There’s also Beautiful Creatures, by Kami Garcia and Margaret Stohl, David Levithan and John Green created Will Grayson, Will Grayson, these famous writers are coming together.

Cornelia: I absolutely would be open to that, absolutely. It’s such an interesting thing, if the chemistry works or not. I just had a wonderful adventure working with Guillermo del Toro. I got an email in January from Dreamworks, and they said, would you be interested to work on an animation project and story-telling on it? And Guillermo wrote me a letter, saying he’d love to work with me. His movie Pan’s Laberynth is my favorite movie, so that was such a treat. For six weeks I worked with him and Rodrigo Blaas on a storyline for a possible animation feature, and goodness he’s a storytelling animal! He’s just, like, genius! It was interesting, we worked in a very different way. Guillermo said to me, “Cornelia, we’re limping on the same leg.” And it was true. We came from exactly the same perspective, from myth, from fairy tales. Guillermo has this incredible house, it’s called the Man Cave, and there are seven libraries on horror and science fiction and fantasy, and movie props and everything. Believe me, it is the most amazing house.

LZ: You must have been just awed.

Cornelia: Yeah. He gave me the tour, it was mind-blowing. So, that was interesting.

With Lionel, I work totally different because he doesn’t come from myth and fairy tales. He loves it – God, he’s been on the Potter films for ages – but he comes more from character. So, if I have a scene with Lionel – I get easily distracted, I’m a storyteller, right? I see the whole thing.

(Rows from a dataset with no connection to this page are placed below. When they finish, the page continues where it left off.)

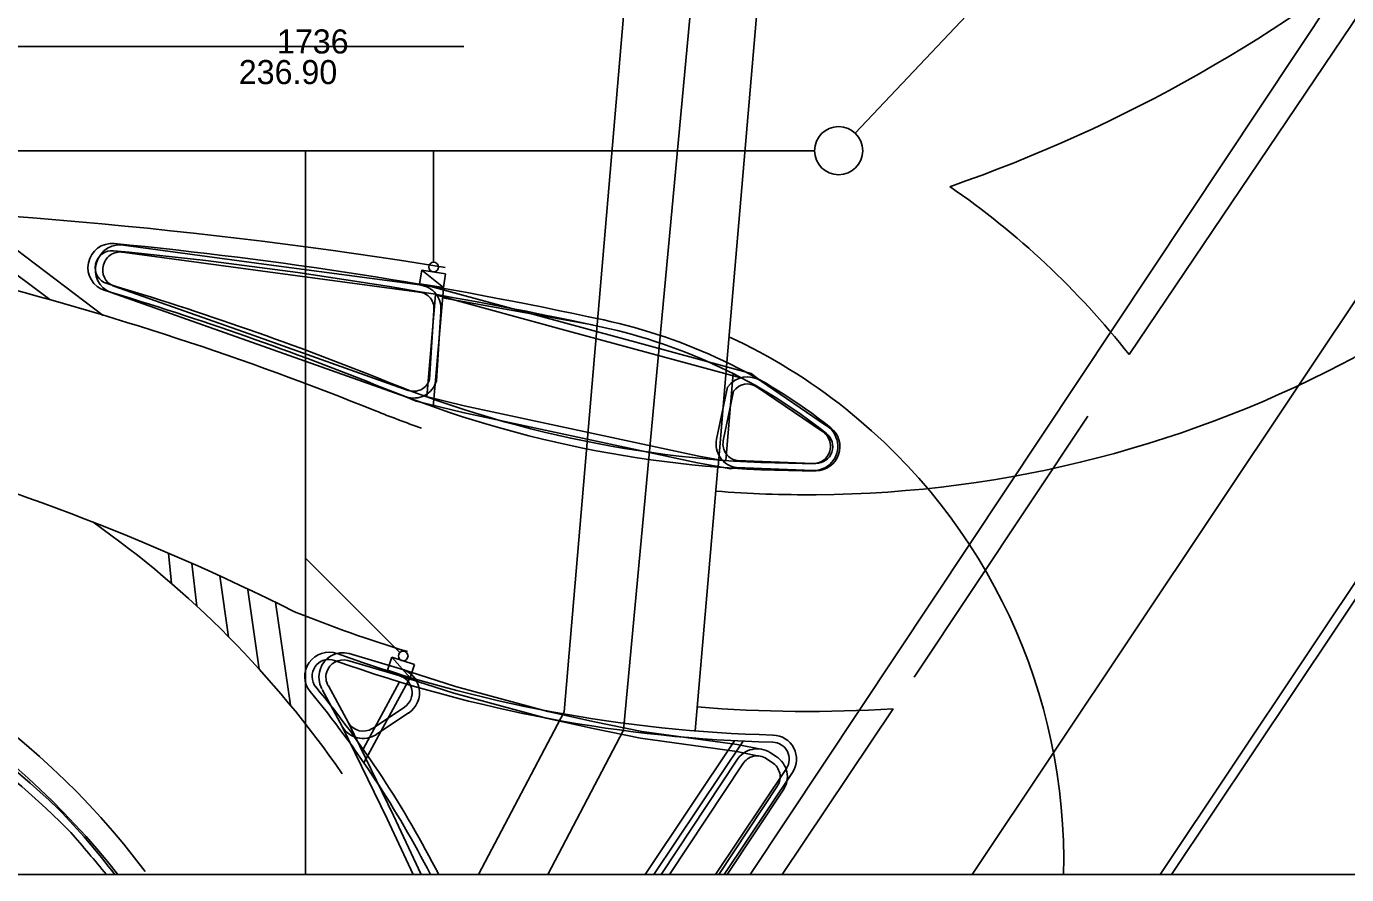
# Model space of a CAD drawing. Extents: x -264165 to -263733, y -1242319 to -1242245.
# Drawn here: x -263825.46 to -263798.04, y -1242319.19 to -1242301.57 of the extents above; entities that cross this region are included whole.
import ezdxf

# ---------------------------------------------------------------- set-up
doc = ezdxf.new("R2010")
doc.units = 0
for name, color, linetype in [('KFA_BOD_CISLO', 7, 'Continuous'), ('KFA_BOD_VYSKA', 7, 'Continuous'), ('PROJEKT_OBRUBNIKY_KOMUNIKACIE', 7, 'Continuous'), ('PROJEKT_TDZ_VODOROVNE', 7, 'Continuous'), ('RAM_NA_TLAC_1-250', 7, 'Continuous'), ('SITUACIA_DSP_2D', 7, 'Continuous'), ('SO_20-1_OBRUBNIKY_DOLNA_HRANA', 7, 'Continuous'), ('SO_20-1_OBRUBNIKY_HORNA_HRANA', 7, 'Continuous')]:
    doc.layers.add(name, color=color, linetype=linetype)

msp = doc.modelspace()

# ---------------------------------------------------------------- linework, layer by layer
at = {"layer": 'PROJEKT_OBRUBNIKY_KOMUNIKACIE'}
for p, q in [((-263816.802, -1242307.008), (-263817.012, -1242309.469)), ((-263816.964, -1242307.132), (-263817.145, -1242309.262)), ((-263816.819, -1242307.205), (-263813.706, -1242307.767)), ((-263810.912, -1242308.547), (-263811.097, -1242310.721)), ((-263810.781, -1242308.779), (-263810.935, -1242310.583)), ((-263818.469, -1242316.58), (-263817.711, -1242315.183)), ((-263818.453, -1242316.866), (-263817.491, -1242315.093)), ((-263810.751, -1242316.405), (-263812.608, -1242319.185)), ((-263810.576, -1242316.414), (-263812.427, -1242319.185)), ((-263809.676, -1242316.98), (-263811.149, -1242319.185)), ((-263809.551, -1242317.064), (-263810.969, -1242319.185))]:
    msp.add_line(p, q, dxfattribs=at)
for centre, radius, start, end in [((-263823.686, -1242306.574), 0.5, 84.5031, 253.3726), ((-263832, -1242392.966), 87.291, 77.74517, 84.50312), ((-263823.686, -1242306.574), 0.35, 84.5031, 253.3726), ((-263832, -1242392.966), 87.141, 77.74517, 84.50312), ((-263842.678, -1242370.168), 66.019, 68.01969, 73.37264), ((-263842.678, -1242370.168), 65.869, 68.01969, 73.37264), ((-263815.913, -1242318.902), 11.35, 51.4912, 77.7452), ((-263815.913, -1242318.902), 11.5, 51.4912, 77.7452), ((-263809.228, -1242287.295), 23.5, 248.0197, 270.4085), ((-263809.228, -1242287.295), 23.35, 248.0197, 270.4085), ((-263809.064, -1242310.295), 0.35, 270.4085, 51.4912), ((-263809.064, -1242310.295), 0.5, 270.4085, 51.4912), ((-263836.184, -1242329.025), 16, 37.9535, 76.9695), ((-263819.181, -1242315.066), 0.5, 70.2828, 219.3857), ((-263809.228, -1242287.295), 29, 250.2828, 268.5641), ((-263819.181, -1242315.066), 0.35, 70.2828, 219.3857), ((-263809.228, -1242287.295), 29.15, 250.2828, 268.5641), ((-263836.184, -1242329.025), 21.5, 27.2382, 39.3857), ((-263836.184, -1242329.025), 21.65, 27.0341, 39.3857), ((-263809.967, -1242316.786), 0.5, 326.2529, 88.5641), ((-263809.967, -1242316.786), 0.35, 326.2529, 88.5641)]:
    msp.add_arc(centre, radius, start, end, dxfattribs=at)
at = {"layer": 'PROJEKT_TDZ_VODOROVNE'}
for p, q in [((-263805.817, -1242319.185), (-263789.385, -1242294.564)), ((-263786.678, -1242296.363), (-263801.914, -1242319.185)), ((-263786.512, -1242296.474), (-263801.673, -1242319.185)), ((-263796.435, -1242299.302), (-263802.558, -1242308.383)), ((-263810.915, -1242308.545), (-263810.255, -1242300.841)), ((-263913.857, -1242301.982), (-263816.374, -1242301.982)), ((-263827.448, -1242305.4), (-263824.977, -1242307.241)), ((-263826.672, -1242305.448), (-263823.87, -1242307.573)), ((-263807.021, -1242315.081), (-263803.412, -1242309.66)), ((-263811.571, -1242316.2), (-263811.101, -1242310.72)), ((-263822.515, -1242312.506), (-263822.452, -1242313.137)), ((-263822.025, -1242312.72), (-263821.925, -1242313.608)), ((-263821.448, -1242312.98), (-263821.265, -1242314.247)), ((-263820.866, -1242313.273), (-263820.628, -1242314.918)), ((-263820.29, -1242313.528), (-263819.981, -1242315.667)), ((-263809.763, -1242319.185), (-263807.46, -1242315.74))]:
    msp.add_line(p, q, dxfattribs=at)
for points in [[(-263816.072, -1242319.185), (-263814.291, -1242315.804), (-263813.06, -1242301.353), (-263812.968, -1242299.181), (-263802.618, -1242291.831), (-263801.478, -1242290.893), (-263800.257, -1242289.755), (-263799.049, -1242288.464), (-263798.027, -1242287.218), (-263780.363, -1242261.313)], [(-263814.635, -1242319.185), (-263813.062, -1242316.188), (-263811.682, -1242301.389), (-263811.608, -1242300.055), (-263801.705, -1242293.023), (-263800.489, -1242292.021), (-263799.197, -1242290.817), (-263797.92, -1242289.454), (-263796.825, -1242288.118), (-263780.363, -1242263.975)]]:
    msp.add_lwpolyline(points, dxfattribs=at)
for centre, radius, start, end in [((-263816.477, -1242275.476), 31.135, 289.1139, 310.0684), ((-263809.228, -1242287.295), 24, 270.4085, 326.3969), ((-263815.913, -1242318.902), 17, 38.2267, 55.4906), ((-263842.678, -1242370.168), 65.369, 68.01969, 83.40081), ((-263833.602, -1242410.935), 105.714, 80.83552, 89.15278), ((-263815.913, -1242318.902), 12, 51.4912, 65.1468), ((-263842.518, -1242358.966), 50.583, 63.4329, 86.4022), ((-263809.228, -1242287.295), 24, 248.0197, 250.4574), ((-263815.913, -1242318.902), 12, 358.6494, 51.4912), ((-263809.228, -1242287.295), 24, 265.4211, 270.4085), ((-263836.184, -1242329.025), 21, 34.6339, 54.8237), ((-263836.225, -1242329.073), 16.555, 36.9462, 76.8694), ((-263809.228, -1242287.295), 28.5, 248.0197, 253.0257), ((-263809.228, -1242287.295), 28.5, 265.3711, 273.5562)]:
    msp.add_arc(centre, radius, start, end, dxfattribs=at)
at = {"layer": 'RAM_NA_TLAC_1-250'}
msp.add_lwpolyline([(-264165.363, -1242244.935), (-263732.863, -1242244.935), (-263732.863, -1242319.185), (-264165.363, -1242319.185)], close=True, dxfattribs=at)
at = {"layer": 'SITUACIA_DSP_2D'}
for p, q in [((-263810.431, -1242319.185), (-263780.363, -1242273.949)), ((-263780.363, -1242274.247), (-263808.248, -1242303.783)), ((-263809.091, -1242304.153), (-263853.415, -1242304.148)), ((-263819.667, -1242319.185), (-263819.667, -1242304.147)), ((-263817.005, -1242306.465), (-263817.005, -1242304.152)), ((-263817.296, -1242306.914), (-263817.252, -1242306.627)), ((-263817.252, -1242306.627), (-263817.296, -1242306.914)), ((-263817.252, -1242306.627), (-263816.757, -1242306.703)), ((-263816.802, -1242306.99), (-263817.252, -1242306.627)), ((-263816.802, -1242306.99), (-263817.252, -1242306.627)), ((-263816.757, -1242306.703), (-263816.802, -1242306.99)), ((-263816.802, -1242306.99), (-263817.296, -1242306.914)), ((-263817.296, -1242306.914), (-263816.802, -1242306.99)), ((-263816.803, -1242307.008), (-263817.012, -1242309.468)), ((-263816.964, -1242307.132), (-263817.145, -1242309.262)), ((-263810.912, -1242308.547), (-263811.097, -1242310.721)), ((-263810.781, -1242308.779), (-263810.935, -1242310.583)), ((-263817.708, -1242314.574), (-263819.667, -1242312.615)), ((-263817.966, -1242314.94), (-263817.874, -1242314.665)), ((-263817.874, -1242314.665), (-263817.966, -1242314.94)), ((-263817.874, -1242314.665), (-263817.4, -1242314.824)), ((-263817.492, -1242315.099), (-263817.874, -1242314.665)), ((-263817.492, -1242315.099), (-263817.874, -1242314.665)), ((-263817.492, -1242315.099), (-263817.966, -1242314.94)), ((-263817.966, -1242314.94), (-263817.492, -1242315.099)), ((-263817.4, -1242314.824), (-263817.492, -1242315.099)), ((-263818.469, -1242316.58), (-263817.711, -1242315.183)), ((-263818.453, -1242316.866), (-263817.491, -1242315.093)), ((-263810.751, -1242316.405), (-263812.608, -1242319.185)), ((-263810.576, -1242316.414), (-263812.427, -1242319.185)), ((-263809.676, -1242316.98), (-263811.149, -1242319.185)), ((-263809.551, -1242317.064), (-263810.969, -1242319.185))]:
    msp.add_line(p, q, dxfattribs=at)
for centre, radius in [((-263808.591, -1242304.147), 0.5), ((-263817.005, -1242306.565), 0.1), ((-263817.637, -1242314.644), 0.1)]:
    msp.add_circle(centre, radius, dxfattribs=at)
for centre, radius, start, end in [((-263823.686, -1242306.574), 0.5, 84.5031, 253.3726), ((-263832, -1242392.966), 87.291, 77.74517, 84.50312), ((-263823.686, -1242306.574), 0.35, 84.5031, 253.3726), ((-263832, -1242392.966), 87.141, 77.74517, 84.50312), ((-263842.678, -1242370.168), 66.019, 68.01969, 73.37264), ((-263842.678, -1242370.168), 65.869, 68.01969, 73.37264), ((-263815.913, -1242318.902), 11.35, 51.4912, 77.7452), ((-263815.913, -1242318.902), 11.5, 51.4912, 77.7452), ((-263809.228, -1242287.295), 23.5, 248.0197, 270.4085), ((-263809.228, -1242287.295), 23.35, 248.0197, 270.4085), ((-263809.064, -1242310.295), 0.35, 270.4085, 51.4912), ((-263809.064, -1242310.295), 0.5, 270.4085, 51.4912), ((-263836.184, -1242329.025), 16, 37.9534, 76.9695), ((-263819.181, -1242315.066), 0.5, 70.2828, 219.3857), ((-263809.228, -1242287.295), 29, 250.2828, 268.5641), ((-263819.181, -1242315.066), 0.35, 70.2828, 219.3857), ((-263809.228, -1242287.295), 29.15, 250.2828, 268.5641), ((-263836.184, -1242329.025), 21.5, 27.2381, 39.3857), ((-263836.184, -1242329.025), 21.65, 27.034, 39.3857), ((-263809.967, -1242316.786), 0.5, 326.2529, 88.5641), ((-263809.967, -1242316.786), 0.35, 326.2529, 88.5641)]:
    msp.add_arc(centre, radius, start, end, dxfattribs=at)
at = {"layer": 'SO_20-1_OBRUBNIKY_DOLNA_HRANA'}
for p, q in [((-263817.063, -1242306.967), (-263817.288, -1242306.937)), ((-263810.406, -1242308.774), (-263817.063, -1242306.967)), ((-263820.884, -1242308.09), (-263817.579, -1242309.261)), ((-263810.406, -1242308.774), (-263810.197, -1242308.936)), ((-263817.365, -1242309.349), (-263817.579, -1242309.261)), ((-263810.829, -1242310.758), (-263810.713, -1242310.731))]:
    msp.add_line(p, q, dxfattribs=at)
for points in [[(-263817.288, -1242306.937), (-263820.425, -1242306.521), (-263823.4, -1242306.12)], [(-263823.703, -1242307.096), (-263820.884, -1242308.09)], [(-263816.946, -1242308.93), (-263816.856, -1242307.496)], [(-263808.866, -1242309.846), (-263810.197, -1242308.936)], [(-263810.897, -1242309.063), (-263811.127, -1242310.142)], [(-263817.365, -1242309.349), (-263816.395, -1242309.589), (-263811.523, -1242310.634), (-263810.829, -1242310.758)], [(-263810.713, -1242310.731), (-263809.129, -1242310.789)], [(-263817.69, -1242314.913), (-263818.761, -1242314.594)], [(-263810.206, -1242316.578), (-263810.698, -1242316.485), (-263812.677, -1242316.21), (-263813.66, -1242316.015), (-263814.633, -1242315.798), (-263816.547, -1242315.28), (-263817.69, -1242314.913)], [(-263819.319, -1242315.341), (-263818.902, -1242316.108)], [(-263818.201, -1242316.278), (-263817.525, -1242315.828)], [(-263818.902, -1242316.108), (-263817.973, -1242318.024), (-263817.431, -1242319.185)], [(-263810.704, -1242316.807), (-263812.279, -1242319.185)], [(-263809.892, -1242316.735), (-263810.008, -1242316.657)], [(-263810.906, -1242319.185), (-263809.743, -1242317.428)]]:
    msp.add_lwpolyline(points, dxfattribs=at)
for centre, major_axis, ratio, start_param, end_param in [((-263823.524, -1242306.605), (0.185, 0.465), 0.999783, 0.129335, 1.693518), ((-263823.537, -1242306.629), (-0.201, -0.453), 0.999743, 4.819194, 6.358079), ((-263817.347, -1242307.429), (-0.223, 0.443), 0.999317, 4.112578, 5.697553), ((-263817.423, -1242308.788), (0.483, 0.121), 0.999839, 4.148248, 5.748493), ((-263810.483, -1242309.349), (-0.502, 0.041), 0.998209, 4.188918, 5.758624), ((-263809.118, -1242310.288), (0.193, 0.471), 0.999988, 4.374498, 6.15423), ((-263810.643, -1242310.242), (0.359, -0.34), 0.999903, 3.695611, 5.327884), ((-263809.106, -1242310.293), (-0.189, -0.46), 0.999728, 0.34373, 1.224576), ((-263836.917, -1242330.389), (-12.568, 12.147), 0.998664, 4.713467, 5.197044), ((-263818.893, -1242315.066), (0.148, -0.467), 0.999867, 2.562738, 4.12235), ((-263818.868, -1242315.085), (0.045, -0.517), 0.999806, 4.320521, 5.104257), ((-263817.803, -1242315.406), (0.39, 0.323), 0.999315, 4.602925, 6.93754), ((-263818.47, -1242315.857), (-0.486, 0.118), 0.999915, 0.764319, 2.377274), ((-263810.284, -1242317.065), (-0.259, 0.419), 0.999812, 5.134851, 6.750861), ((-263810.141, -1242317.151), (0.065, 0.481), 0.999991, 4.238012, 5.877529), ((-263835.299, -1242328.082), (-9.097, 11.695), 0.990566, 4.702683, 4.823964)]:
    msp.add_ellipse(centre, major_axis=major_axis, ratio=ratio, start_param=start_param, end_param=end_param, dxfattribs=at)
at = {"layer": 'SO_20-1_OBRUBNIKY_HORNA_HRANA'}
msp.add_line((-263817.531, -1242309.127), (-263820.836, -1242307.954), dxfattribs=at)
for points in [[(-263817.303, -1242307.084), (-263820.446, -1242306.665), (-263823.42, -1242306.265)], [(-263823.65, -1242306.961), (-263820.836, -1242307.954)], [(-263810.62, -1242308.866), (-263814.206, -1242307.895), (-263816.937, -1242307.151)], [(-263817.088, -1242308.892), (-263817, -1242307.47)], [(-263810.775, -1242309.146), (-263810.987, -1242310.177)], [(-263808.95, -1242309.964), (-263810.282, -1242309.057)], [(-263817.212, -1242309.239), (-263816.368, -1242309.447), (-263811.493, -1242310.492), (-263811.003, -1242310.58)], [(-263810.691, -1242310.583), (-263809.125, -1242310.643)], [(-263817.727, -1242315.051), (-263818.789, -1242314.736)], [(-263810.25, -1242316.722), (-263810.709, -1242316.628), (-263812.704, -1242316.349), (-263813.689, -1242316.152), (-263814.669, -1242315.935), (-263816.585, -1242315.418), (-263817.727, -1242315.051)], [(-263819.192, -1242315.267), (-263818.773, -1242316.035)], [(-263818.28, -1242316.154), (-263817.608, -1242315.704)], [(-263818.773, -1242316.035), (-263817.84, -1242317.955), (-263817.267, -1242319.185)], [(-263810.584, -1242316.886), (-263812.107, -1242319.185)], [(-263809.97, -1242316.859), (-263810.089, -1242316.78)], [(-263811.081, -1242319.185), (-263809.861, -1242317.343)]]:
    msp.add_lwpolyline(points, dxfattribs=at)
for centre, major_axis, ratio, start_param, end_param in [((-263823.519, -1242306.604), (0.235, 0.264), 0.999068, 0.442251, 2.051271), ((-263823.525, -1242306.629), (-0.123, -0.333), 0.999597, 4.748011, 6.276343), ((-263817.341, -1242307.426), (-0.027, 0.343), 0.999831, 4.506293, 6.094133), ((-263817.42, -1242308.802), (-0.293, -0.18), 0.999477, 0.692286, 2.325931), ((-263810.484, -1242309.349), (-0.307, 0.179), 0.999697, 4.635173, 6.202132), ((-263809.124, -1242310.284), (-0.341, 0.127), 0.999992, 2.744279, 4.570945), ((-263810.652, -1242310.243), (0.136, -0.314), 0.999837, 4.109578, 5.759605), ((-263809.115, -1242310.288), (-0.172, -0.311), 0.99925, 0.476223, 1.31312), ((-263837.329, -1242331.009), (-13.346, 12.171), 0.997839, 4.663107, 5.155176), ((-263818.881, -1242315.086), (0.067, -0.355), 0.999729, 2.699114, 4.216297), ((-263818.883, -1242315.084), (-0.063, -0.354), 0.999357, 4.579753, 5.422246), ((-263817.816, -1242315.405), (0.31, 0.192), 0.999422, 4.763927, 7.052938), ((-263818.467, -1242315.846), (0.335, -0.13), 0.999891, 4.064262, 5.628365), ((-263810.285, -1242317.071), (-0.288, 0.202), 0.999767, 4.729783, 6.338871), ((-263810.156, -1242317.155), (-0.077, 0.341), 0.999809, 3.924248, 5.50053), ((-263849.035, -1242339.606), (-22.317, 24.858), 0.971582, 4.662656, 4.696983)]:
    msp.add_ellipse(centre, major_axis=major_axis, ratio=ratio, start_param=start_param, end_param=end_param, dxfattribs=at)

# ---------------------------------------------------------------- texts
at = {"layer": 'KFA_BOD_CISLO'}
msp.add_text('1736', height=0.5, dxfattribs=at).set_placement((-263820.258, -1242302.128))
at = {"layer": 'KFA_BOD_VYSKA'}
msp.add_text('236.90', height=0.5, dxfattribs=at).set_placement((-263821.052, -1242302.764))

doc.saveas('drawing.dxf')

So, Jacob and Will let’s say, are in a clearing in the forest, and I’m like, “Do you think there’s a heintzelman running through?” and he’s like “I don’t care about the heintzelman, tell me what’s happening with Jacob and Will!” So he’s so in the main characters, and so wants to hear about the emotional themes, that it’s very wonderful for me as a storyteller when he says, “You do all the heintzelmen and whatever you want to do,” but he gives me the perspective to focus, and many storytellers we know, reading a lot of fantasy, easily get lost in their plots, right?

LZ: Yes! (Pull out A Game of Thrones by George R. R. Martin)I’m reading this right now and it’s all over the place. It’s great-

Cornelia: It is wonderful, it is, it’s still my favorite fantasy, but-

LZ: I have to keep looking at the map to try and figure out who’s going where.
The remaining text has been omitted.